The basics of headlights really haven’t changed all that much in the last few decades. Sure, they’ve gotten brighter, smarter, and better looking. But they still turn on to illuminate the road ahead of you. In Geneva, Mercedes is showing off what it’s calling “the future of car lighting.” It’s a new head light technology called Digital Light.
The hardware is a light with a resolution of over one million pixels per head light. Rather than blanketing the roadway with the same intensity light, the digital light adapts the lighting to your driving conditions. For example, say you’re driving at night and there is a highly reflective sign coming up. The digital light can decrease the intensity of the light that’s being sent to the reflective sign, while keeping the other parts of the road illuminated brightly. This way, the driver won’t be dazzled by the fierce reflection of the sign while trying to navigate the dark landscape around it.

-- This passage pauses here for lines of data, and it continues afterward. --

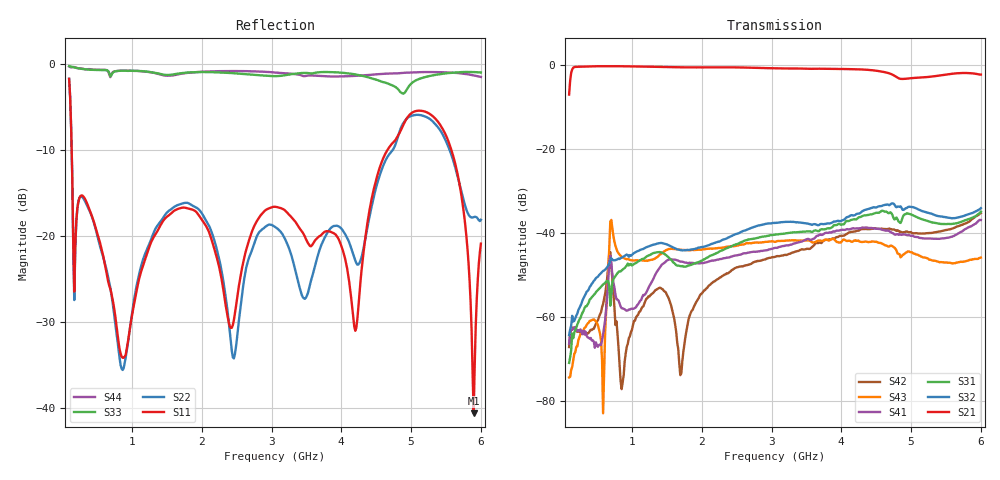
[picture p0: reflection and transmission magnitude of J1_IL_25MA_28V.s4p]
!Keysight Technologies,N5242B,MY61256241,Z.15.82.127
!Date: Friday, August 25, 2023 02:14:11
!Correction: S11(C  4-Port  )
!S12(C  4-Port  )
!S13(C  4-Port  )
!S14(C  4-Port  )
!S21(C  4-Port  )
!S22(C  4-Port  )
!S23(C  4-Port  )
!S24(C  4-Port  )
!S31(C  4-Port  )
!S32(C  4-Port  )
!S33(C  4-Port  )
!S34(C  4-Port  )
!S41(C  4-Port  )
!S42(C  4-Port  )
!S43(C  4-Port  )
!S44(C  4-Port  )
!S4P File: Measurements: <S11,S12,S13,S14>,
!<S21,S22,S23,S24>,
!<S31,S32,S33,S34>,
!<S41,S42,S43,S44>:
# Hz S  dB  R 50
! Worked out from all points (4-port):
!   401 points, 100 MHz to 6 GHz, reference 50 ohm
!   strongest paths, dB at 100 MHz, 1.575 GHz, 3.05 GHz, 4.525 GHz, 6 GHz:
!     S21: -7.1, -0.6, -0.9, -1.5, -2.3
!     S32: -64.4, -43.4, -37.6, -33.8, -34.1
!     S31: -71.0, -46.7, -40.5, -35.3, -35.0
!     S41: -66.5, -46.3, -43.6, -39.1, -37.0
!     S43: -74.4, -43.8, -42.2, -42.3, -45.9
!     S42: -67.2, -58.3, -45.7, -39.1, -35.3
!   lowest |S11| = -40.7 dB at 5.897 GHz (marker M1), VSWR 1.02, Z = 49.6 + j0.816 ohm
!   |S11| at or under -10 dB: 136.5 MHz to 4.661 GHz (4.525 GHz wide, 189 % of centre); 5.577 GHz to end of sweep
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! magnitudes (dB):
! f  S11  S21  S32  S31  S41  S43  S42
! 100 MHz  -1.7  -7.1  -64.4  -71.0  -66.5  -74.4  -67.2
! 586.8 MHz  -22.3  -0.3  -49.1  -52.3  -64.2  -83.0  -57.0
! 719.5 MHz  -27.3  -0.4  -46.4  -51.8  -49.9  -39.0  -51.5
! 867 MHz  -34.2  -0.4  -45.8  -48.8  -58.0  -45.9  -75.5
! 5.159 GHz  -5.5  -3.0  -34.8  -36.8  -41.3  -45.8  -40.2
! 5.897 GHz  -40.7  -2.1  -35.2  -36.3  -38.1  -46.3  -36.5
! 6 GHz  -20.9  -2.3  -34.1  -35.0  -37.0  -45.9  -35.3
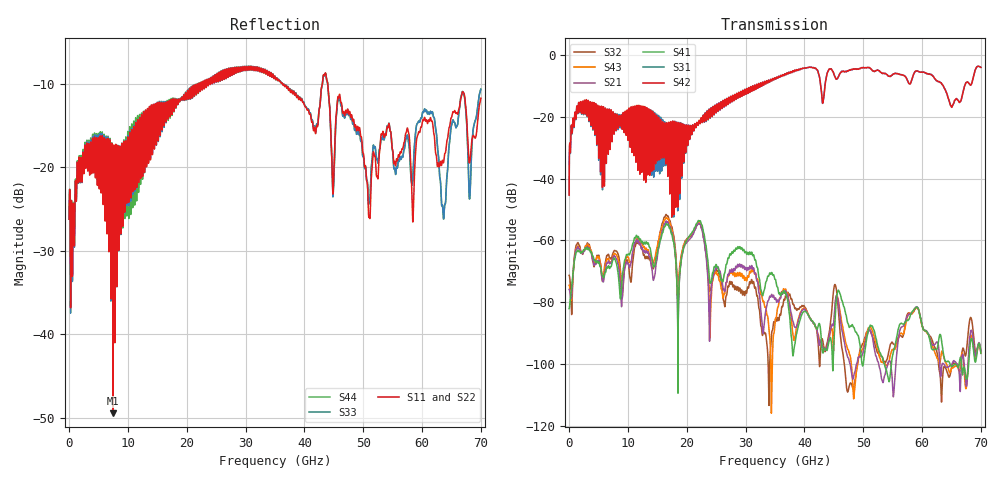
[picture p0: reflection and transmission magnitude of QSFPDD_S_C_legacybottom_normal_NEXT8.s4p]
! AWR Design Environment (8415) Thu Dec 20 14:54:15 2018
! Document = 'CHANNEL TEST'
! nPorts: 4, nXvals: 7001
# HZ S DB R 50
!Freq DBS11 AngS11 DBS12 AngS12 DBS13 AngS13 DBS14 AngS14
!	DBS21 AngS21 DBS22 AngS22 DBS23 AngS23 DBS24 AngS24
!	DBS31 AngS31 DBS32 AngS32 DBS33 AngS33 DBS34 AngS34
!	DBS41 AngS41 DBS42 AngS42 DBS43 AngS43 DBS44 AngS44
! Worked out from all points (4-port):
!   7000 points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, 10 MHz to 70 GHz, reference 50 ohm
!   strongest paths, dB at 10 MHz, 17.51 GHz, 35.01 GHz, 52.51 GHz, 70 GHz:
!     S42: -45.4, -28.7, -7.5, -5.0, -4.0
!     S31: -45.3, -28.7, -7.5, -5.0, -4.0
!     S41: -82.1, -58.1, -72.6, -94.3, -96.6
!     S21: -75.9, -57.6, -78.9, -99.2, -95.8
!     S43: -74.5, -56.8, -86.6, -95.6, -96.5
!     S32: -71.3, -55.8, -86.3, -96.5, -95.7
!   lowest |S11| = -49.4 dB at 7.45 GHz (marker M1), VSWR 1.01, Z = 50.3 + j0.0931 ohm
!   |S11| at or under -10 dB: start of sweep to 22.1 GHz; 36.25 GHz to 43.06 GHz (6.813 GHz wide, 17.2 % of centre); 43.96 GHz to end of sweep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
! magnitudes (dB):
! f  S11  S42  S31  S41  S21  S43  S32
! 10 MHz  -26.2  -45.4  -45.3  -82.1  -75.9  -74.5  -71.3
! 1.64 GHz  -19.9  -15.4  -15.5  -63.6  -62.7  -62.4  -61.4
! 7.45 GHz  -49.4  -18.5  -18.5  -66.4  -65.6  -65.3  -64.2
! 18.59 GHz  -11.9  -23.0  -22.9  -81.8  -81.8  -74.2  -78.7
! 22.09 GHz  -10.1  -21.2  -21.4  -53.7  -54.6  -54.4  -54.5
! 26.46 GHz  -8.5  -14.6  -14.6  -70.6  -76.5  -77.3  -81.5
! 70 GHz  -11.8  -4.0  -4.0  -96.6  -95.8  -96.5  -95.7

Cameras in the headlights and other sensor systems help vehicle make the right decisions of what to light at what intensity. Powerful computer systems allow the data to be evaluated in milliseconds, giving lighting fast commands to the head lights to adapt.
The company says that the software-controlled digital lights can also project symbols and other shapes onto the road. This will not only give the driver information directly in their field of vision but it could also allow the car to communicate with those around it. The current symbol catalogue includes a low-grip surface symbol, construction-site, rear-end collision, lane-keeping, blind-spot and speed.
Mercedes says the technology will be entering small series production in the Mercedes-Maybach S-Class. Selected fleet customers are expected to take delivery of the first cars hooked up with the digital lights in the first half of this year.